Полномочный представитель императрицы не скупился на расходы: всем врачам, принимавшим участие в ликвидации эпидемии, он положил двойное желание и плюс к этому ежемесячное содержание и обещание, что если доктор заразится чумой и умрет, то его семье будет выплачиваться пенсия; крепостным, состоявшим при больницах, он обещал вольность. Орлов прекрасно знал психологию русского человека, который боится ходить в больницы, поэтому было разрешено лечение на дому, а тем, кто выписывался из больниц, давал компенсацию от 5 до 10 рублей.

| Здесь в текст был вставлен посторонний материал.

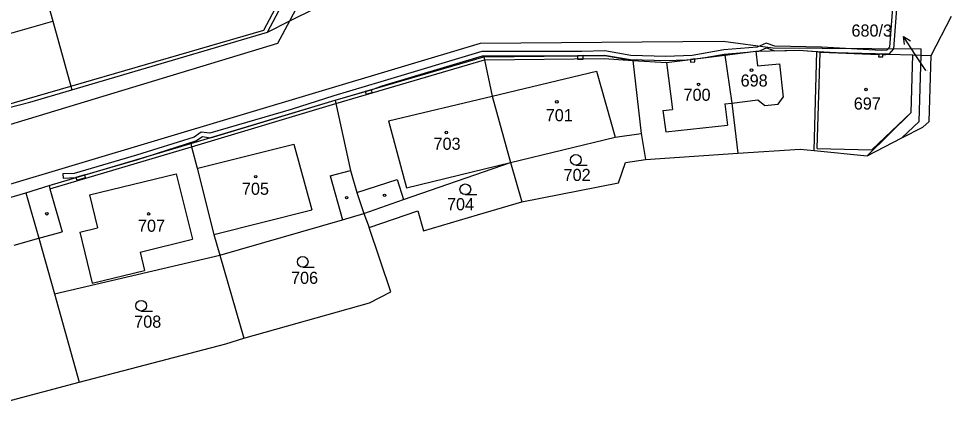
# Model space of a CAD drawing. Extents: x -785744 to -782822, y -1067550 to -1063910.
# Drawn here: x -783282.6 to -783151.8, y -1065714.9 to -1065658.6 of the extents above; entities that cross this region are included whole.
import ezdxf

# ---------------------------------------------------------------- set-up
doc = ezdxf.new("R2010")
doc.units = 0
for name, color, linetype in [('Hranice kat_území', 7, 'Continuous'), ('Hranice parcel', 7, 'Continuous'), ('Parcelní čísla', 7, 'Continuous'), ('Pop_ČP_popisy', 7, 'Continuous'), ('Vnitřní kresba', 7, 'Continuous'), ('Věcná břemena k části', 7, 'Continuous'), ('Značky budov', 7, 'Continuous'), ('Značky kultur', 7, 'Continuous')]:
    doc.layers.add(name, color=color, linetype=linetype)

msp = doc.modelspace()

# ---------------------------------------------------------------- linework, layer by layer
at = {"layer": 'Hranice kat_území'}
msp.add_lwpolyline([(-783293.84, -1065714.87), (-783274.13, -1065709.64), (-783253.53, -1065704.29), (-783251, -1065703.47), (-783233.38, -1065698.52), (-783230.38, -1065696.98), (-783233.44, -1065687.93), (-783226.58, -1065685.59), (-783225.79, -1065688.43), (-783218.22, -1065686.19), (-783211.99, -1065684.35), (-783198.46, -1065681.68), (-783197.47, -1065678.81), (-783194.66, -1065678.42), (-783181.72, -1065677.5), (-783172.99, -1065676.95), (-783171, -1065677.14), (-783163.55, -1065677.87), (-783158.71, -1065675.36), (-783155.76, -1065673.88), (-783154.87, -1065673.06), (-783154.61, -1065663.8), (-783151.76, -1065658.31)], dxfattribs=at)
at = {"layer": 'Hranice parcel'}
for points in [[(-783244.57, -1065658.97), (-783237.66, -1065655.48)], [(-783247.67, -1065660.54), (-783245.66, -1065656.74)], [(-783247.67, -1065660.54), (-783244.57, -1065658.97)], [(-783275.13, -1065668.61), (-783247.67, -1065660.54)], [(-783217.34, -1065663.99), (-783200.36, -1065663.8)], [(-783200.36, -1065663.8), (-783196.46, -1065664.5)], [(-783191.7, -1065664.78), (-783183.55, -1065663.76)], [(-783183.55, -1065663.76), (-783179.2, -1065663.22)], [(-783183.55, -1065663.76), (-783182.57, -1065670.49)], [(-783179.2, -1065663.22), (-783173.12, -1065663.08)], [(-783173.12, -1065663.08), (-783170.63, -1065663.27)], [(-783171, -1065677.14), (-783170.63, -1065663.27)], [(-783170.63, -1065663.27), (-783170.18, -1065663.34)], [(-783170.18, -1065663.34), (-783167.68, -1065663.44)], [(-783167.68, -1065663.44), (-783157.16, -1065663.7)], [(-783157.39, -1065671.81), (-783157.16, -1065663.7)], [(-783157.16, -1065663.7), (-783156.01, -1065663.78)], [(-783156.01, -1065663.78), (-783154.61, -1065663.8)], [(-783238.19, -1065670.1), (-783217.34, -1065663.99)], [(-783217.34, -1065663.99), (-783217.24, -1065664.42)], [(-783217.24, -1065664.42), (-783216.19, -1065669.51)], [(-783196.46, -1065664.5), (-783195.26, -1065674.77)], [(-783196.46, -1065664.5), (-783191.7, -1065664.78)], [(-783281.02, -1065670.34), (-783275.13, -1065668.61)], [(-783298.7, -1065674.89), (-783281.02, -1065670.34)], [(-783258.44, -1065676.18), (-783238.19, -1065670.1)], [(-783238.19, -1065670.1), (-783238.09, -1065670.54)], [(-783216.19, -1065669.51), (-783213.61, -1065678.84)], [(-783238.09, -1065670.54), (-783236.03, -1065679.95)], [(-783182.57, -1065670.49), (-783181.72, -1065677.5)], [(-783163.55, -1065677.87), (-783157.39, -1065671.81)], [(-783213.61, -1065678.84), (-783198.93, -1065675.29)], [(-783198.93, -1065675.29), (-783195.26, -1065674.77)], [(-783195.26, -1065674.77), (-783194.66, -1065678.42)], [(-783278.34, -1065682.07), (-783258.44, -1065676.18)], [(-783258.44, -1065676.18), (-783258.33, -1065676.61)], [(-783258.33, -1065676.61), (-783257.56, -1065679.64)], [(-783228.63, -1065684), (-783213.61, -1065678.84)], [(-783213.61, -1065678.84), (-783211.99, -1065684.35)], [(-783257.56, -1065679.64), (-783255.23, -1065688.93)], [(-783236.03, -1065679.95), (-783235.14, -1065683.02)], [(-783281.6, -1065683.09), (-783278.34, -1065682.07)], [(-783285.09, -1065684.11), (-783281.6, -1065683.09)], [(-783281.6, -1065683.09), (-783279.79, -1065689.46)], [(-783235.14, -1065683.02), (-783234.19, -1065685.98)], [(-783234.19, -1065685.98), (-783228.63, -1065684)], [(-783237.19, -1065686.88), (-783234.19, -1065685.98)], [(-783234.19, -1065685.98), (-783233.44, -1065687.93)], [(-783254.37, -1065691.85), (-783237.19, -1065686.88)], [(-783283.25, -1065690.42), (-783279.79, -1065689.46)], [(-783279.79, -1065689.46), (-783277.56, -1065697.27)], [(-783255.23, -1065688.93), (-783254.37, -1065691.85)], [(-783277.56, -1065697.27), (-783254.37, -1065691.85)], [(-783254.37, -1065691.85), (-783251, -1065703.47)], [(-783277.56, -1065697.27), (-783274.13, -1065709.64)]]:
    msp.add_lwpolyline(points, dxfattribs=at)
at = {"layer": 'Pop_ČP_popisy'}
msp.add_line((-783156.83, -1065663.68), (-783158.46, -1065661.16), dxfattribs=at)
for points in [[(-783158.34, -1065662.28), (-783158.46, -1065661.16), (-783157.5, -1065661.73)], [(-783155.36, -1065665.93), (-783156.83, -1065663.68)]]:
    msp.add_lwpolyline(points, dxfattribs=at)
at = {"layer": 'Vnitřní kresba'}
for points in [[(-783279.75, -1065651.93), (-783277.8, -1065658.98)], [(-783248.21, -1065660.25), (-783246.2, -1065656.45)], [(-783244.57, -1065658.97), (-783243.51, -1065656.98)], [(-783298.78, -1065665), (-783277.8, -1065658.98)], [(-783277.8, -1065658.98), (-783275.27, -1065668.1)], [(-783246.23, -1065662.1), (-783244.57, -1065658.97)], [(-783275.27, -1065668.1), (-783248.21, -1065660.25)], [(-783342.12, -1065699.3), (-783217.82, -1065662.09)], [(-783308.37, -1065680.94), (-783246.23, -1065662.1)], [(-783217.82, -1065662.09), (-783183.78, -1065661.8)], [(-783183.78, -1065661.8), (-783176.78, -1065662.72)], [(-783179.2, -1065663.22), (-783178.97, -1065665.26)], [(-783176.78, -1065662.72), (-783155.98, -1065662.88)], [(-783170.59, -1065676.86), (-783170.18, -1065663.34)], [(-783156.29, -1065673.06), (-783156.01, -1065663.78)], [(-783156.01, -1065663.78), (-783155.98, -1065662.88)], [(-783238.09, -1065670.54), (-783217.24, -1065664.42)], [(-783217.24, -1065664.42), (-783200.44, -1065664.25)], [(-783200.44, -1065664.25), (-783196.46, -1065664.5)], [(-783191.7, -1065664.78), (-783190.88, -1065671.38)], [(-783178.97, -1065665.26), (-783175.85, -1065664.97)], [(-783175.85, -1065664.97), (-783175.37, -1065669.64)], [(-783216.19, -1065669.51), (-783201.55, -1065665.99)], [(-783201.55, -1065665.99), (-783198.93, -1065675.29)], [(-783298.7, -1065674.89), (-783275.27, -1065668.1)], [(-783275.27, -1065668.1), (-783275.13, -1065668.61)], [(-783230.74, -1065672.96), (-783216.19, -1065669.51)], [(-783182.57, -1065670.49), (-783178.89, -1065670.05)], [(-783178.89, -1065670.05), (-783177.94, -1065670.85)], [(-783176.05, -1065670.62), (-783175.37, -1065669.64)], [(-783258.33, -1065676.61), (-783238.09, -1065670.54)], [(-783192.22, -1065671.55), (-783190.88, -1065671.38)], [(-783192.22, -1065671.55), (-783191.8, -1065674.52)], [(-783183.53, -1065670.6), (-783182.57, -1065670.49)], [(-783183.53, -1065670.6), (-783183.15, -1065673.57)], [(-783177.94, -1065670.85), (-783176.05, -1065670.62)], [(-783230.74, -1065672.96), (-783228.19, -1065682.37)], [(-783162.91, -1065677.05), (-783157.39, -1065671.81)], [(-783191.8, -1065674.52), (-783183.15, -1065673.57)], [(-783158.71, -1065675.36), (-783156.29, -1065673.06)], [(-783278.21, -1065682.5), (-783258.33, -1065676.61)], [(-783257.45, -1065679.62), (-783243.98, -1065676.24)], [(-783243.98, -1065676.24), (-783241.45, -1065685.47)], [(-783170.59, -1065676.86), (-783162.91, -1065677.05)], [(-783228.19, -1065682.37), (-783213.61, -1065678.84)], [(-783272.64, -1065683.36), (-783260.51, -1065680.41)], [(-783260.51, -1065680.41), (-783258.23, -1065689.59)], [(-783257.56, -1065679.64), (-783257.45, -1065679.62)], [(-783238.9, -1065680.7), (-783236.03, -1065679.95)], [(-783238.9, -1065680.7), (-783237.19, -1065686.88)], [(-783278.34, -1065682.07), (-783278.21, -1065682.5)], [(-783235.14, -1065683.02), (-783229.5, -1065681.21)], [(-783229.5, -1065681.21), (-783228.63, -1065684)], [(-783278.21, -1065682.5), (-783276.48, -1065688.54)], [(-783272.64, -1065683.36), (-783271.52, -1065687.98)], [(-783255.23, -1065688.93), (-783241.45, -1065685.47)], [(-783279.79, -1065689.46), (-783276.48, -1065688.54)], [(-783274.02, -1065688.59), (-783271.52, -1065687.98)], [(-783274.02, -1065688.59), (-783272.29, -1065695.77)], [(-783265.55, -1065691.41), (-783258.23, -1065689.59)], [(-783265.55, -1065691.41), (-783264.93, -1065693.96)], [(-783272.29, -1065695.77), (-783264.93, -1065693.96)]]:
    msp.add_lwpolyline(points, dxfattribs=at)
at = {"layer": 'Věcná břemena k části'}
for points in [[(-783159.93, -1065655.82), (-783160.43, -1065662.62)], [(-783159.85, -1065662.86), (-783159.33, -1065655.96)], [(-783177.72, -1065662.08), (-783178.99, -1065662.65)], [(-783176.52, -1065662.51), (-783177.72, -1065662.08)], [(-783169.99, -1065662.66), (-783176.52, -1065662.51)], [(-783217.61, -1065663.27), (-783231.8, -1065667.51)], [(-783203.59, -1065663.25), (-783217.61, -1065663.27)], [(-783204.19, -1065663.84), (-783203.4, -1065663.83)], [(-783203.4, -1065663.83), (-783204.19, -1065663.84)], [(-783200.38, -1065663.15), (-783203.59, -1065663.25)], [(-783203.4, -1065663.83), (-783200.42, -1065663.75)], [(-783203.4, -1065664.34), (-783203.4, -1065663.83)], [(-783200.42, -1065663.75), (-783196.77, -1065664.39)], [(-783196.71, -1065663.79), (-783200.38, -1065663.15)], [(-783191.81, -1065663.93), (-783196.71, -1065663.79)], [(-783188.12, -1065663.8), (-783191.81, -1065663.93)], [(-783183.69, -1065663.01), (-783188.12, -1065663.8)], [(-783186.3, -1065664.1), (-783183.61, -1065663.61)], [(-783178.99, -1065662.65), (-783183.69, -1065663.01)], [(-783183.61, -1065663.61), (-783180.36, -1065663.36)], [(-783180.36, -1065663.36), (-783179.2, -1065663.22)], [(-783179.2, -1065663.22), (-783178.76, -1065663.21)], [(-783178.76, -1065663.21), (-783177.7, -1065662.72)], [(-783177.7, -1065662.72), (-783176.5, -1065663.16)], [(-783176.5, -1065663.16), (-783173.12, -1065663.08)], [(-783173.12, -1065663.08), (-783171.33, -1065663.22)], [(-783171.33, -1065663.22), (-783166.25, -1065663.48)], [(-783161.61, -1065663.09), (-783169.99, -1065662.66)], [(-783166.25, -1065663.48), (-783167.68, -1065663.44)], [(-783167.68, -1065663.44), (-783161.95, -1065663.69)], [(-783166.25, -1065663.48), (-783160.5, -1065663.62)], [(-783160.5, -1065663.62), (-783166.25, -1065663.48)], [(-783161.95, -1065663.69), (-783161.97, -1065663.99)], [(-783160.81, -1065663.06), (-783161.61, -1065663.09)], [(-783161.37, -1065664), (-783161.35, -1065663.7)], [(-783161.35, -1065663.7), (-783160.5, -1065663.62)], [(-783160.43, -1065662.62), (-783160.81, -1065663.06)], [(-783160.5, -1065663.62), (-783159.85, -1065662.86)], [(-783231.62, -1065668.09), (-783217.52, -1065663.88)], [(-783217.52, -1065663.88), (-783204.19, -1065663.84)], [(-783204.19, -1065663.84), (-783204.19, -1065664.34)], [(-783204.19, -1065664.34), (-783203.4, -1065664.34)], [(-783196.77, -1065664.39), (-783191.81, -1065664.53)], [(-783191.81, -1065664.53), (-783188.89, -1065664.43)], [(-783188.89, -1065664.43), (-783188.36, -1065664.36)], [(-783188.36, -1065664.36), (-783187.76, -1065664.29)], [(-783187.76, -1065664.29), (-783188.36, -1065664.36)], [(-783188.36, -1065664.36), (-783188.35, -1065664.76)], [(-783188.35, -1065664.76), (-783187.75, -1065664.7)], [(-783187.76, -1065664.29), (-783186.3, -1065664.1)], [(-783187.75, -1065664.7), (-783187.76, -1065664.29)], [(-783161.97, -1065663.99), (-783161.37, -1065664)], [(-783231.8, -1065667.51), (-783238.37, -1065669.47)], [(-783238.19, -1065670.1), (-783233.98, -1065668.87)], [(-783233.11, -1065668.61), (-783233.98, -1065668.87)], [(-783233.98, -1065668.87), (-783233.11, -1065668.61)], [(-783233.98, -1065668.87), (-783233.86, -1065669.26)], [(-783233.86, -1065669.26), (-783233, -1065669)], [(-783233.11, -1065668.61), (-783231.62, -1065668.09)], [(-783233, -1065669), (-783233.11, -1065668.61)], [(-783255.69, -1065675.35), (-783238.19, -1065670.1)], [(-783238.37, -1065669.47), (-783244.36, -1065671.38)], [(-783244.36, -1065671.38), (-783255.76, -1065674.7)], [(-783257.99, -1065675.26), (-783266.08, -1065677.81)], [(-783256.99, -1065674.56), (-783257.99, -1065675.26)], [(-783257.73, -1065675.8), (-783256.83, -1065675.18)], [(-783255.76, -1065674.7), (-783256.99, -1065674.56)], [(-783256.83, -1065675.18), (-783255.69, -1065675.35)], [(-783265.9, -1065678.39), (-783257.73, -1065675.8)], [(-783266.08, -1065677.81), (-783274.79, -1065680.35)], [(-783273.31, -1065680.58), (-783265.9, -1065678.39)], [(-783274.79, -1065680.35), (-783276.38, -1065680.43)], [(-783276.38, -1065680.43), (-783276.34, -1065681.03)], [(-783273.31, -1065680.58), (-783274.56, -1065680.95)], [(-783274.56, -1065680.95), (-783273.31, -1065680.58)], [(-783273.2, -1065680.93), (-783273.31, -1065680.58)], [(-783276.34, -1065681.03), (-783274.56, -1065680.95)], [(-783274.56, -1065680.95), (-783274.44, -1065681.32)], [(-783274.44, -1065681.32), (-783273.2, -1065680.93)]]:
    msp.add_lwpolyline(points, dxfattribs=at)
at = {"layer": 'Značky budov'}
for centre in [(-783179.8, -1065665.87), (-783187.22, -1065667.87), (-783163.73, -1065668.58), (-783207.1, -1065670.31), (-783222.61, -1065674.62), (-783249.34, -1065680.82), (-783231.27, -1065683.44), (-783236.59, -1065683.75), (-783278.65, -1065686.02), (-783264.37, -1065686.04)]:
    msp.add_circle(centre, 0.175, dxfattribs=at)
at = {"layer": 'Značky kultur'}
for p, q in [((-783204.43, -1065679.2), (-783202.83, -1065679.2)), ((-783219.94, -1065683.34), (-783218.34, -1065683.34)), ((-783242.75, -1065693.52), (-783241.15, -1065693.52)), ((-783265.41, -1065699.67), (-783263.81, -1065699.67))]:
    msp.add_line(p, q, dxfattribs=at)
for centre in [(-783204.43, -1065678.45), (-783219.94, -1065682.59), (-783242.75, -1065692.77), (-783265.41, -1065698.92)]:
    msp.add_circle(centre, 0.75, dxfattribs=at)

# ---------------------------------------------------------------- texts
at = {"layer": 'Parcelní čísla'}
for s, height, p in [('698', 1.7, (-783181.32, -1065668.17)), ('680/3', 0.1, (-783155.36, -1065665.93)), ('700', 1.7, (-783189.33, -1065670.17)), ('697', 1.7, (-783165.45, -1065671.4)), ('701', 1.7, (-783208.66, -1065673.04)), ('703', 1.7, (-783224.4, -1065677.04)), ('702', 1.7, (-783206.15, -1065681.42)), ('705', 1.7, (-783251.28, -1065683.36)), ('704', 1.7, (-783222.51, -1065685.53)), ('707', 1.7, (-783265.86, -1065688.55)), ('706', 1.7, (-783244.39, -1065695.86)), ('708', 1.7, (-783266.39, -1065702.01))]:
    msp.add_text(s, height=height, dxfattribs=at).set_placement(p)
at = {"layer": 'Pop_ČP_popisy'}
msp.add_text('680/3', height=1.7, dxfattribs=at).set_placement((-783165.77, -1065661.16))

doc.saveas('drawing.dxf')

Следующим шагом Орлова стало попечение о детях, ставших сиротами после чумы. Орлов учредил особый приют, главой которого поставил вице-президента Мануфактур-коллегии Сукина. Приют располагался в здании этого ведомства, но выяснилось, что число детей, оставшихся без родителей, гораздо больше, чем то, которое мог вместить этот дом. Тогда под приют был отведен строящийся для развлечений дом француза Лиона. На попытки протеста аристократов было заявлено, что пока обстановка критическая, дети тут поживут, а потом здание вернется в полное распоряжение общества, строящего его. Этот указ ставленника Екатерины вызвал противодействие, но в конце концов Опекунский совет Москвы пошел на то, чтобы принимать этих детей-сирот в Воспитательный дом, где чумы не было, благодаря тому что с самого начала это учреждение было оцеплено и никто туда не мог проникнуть.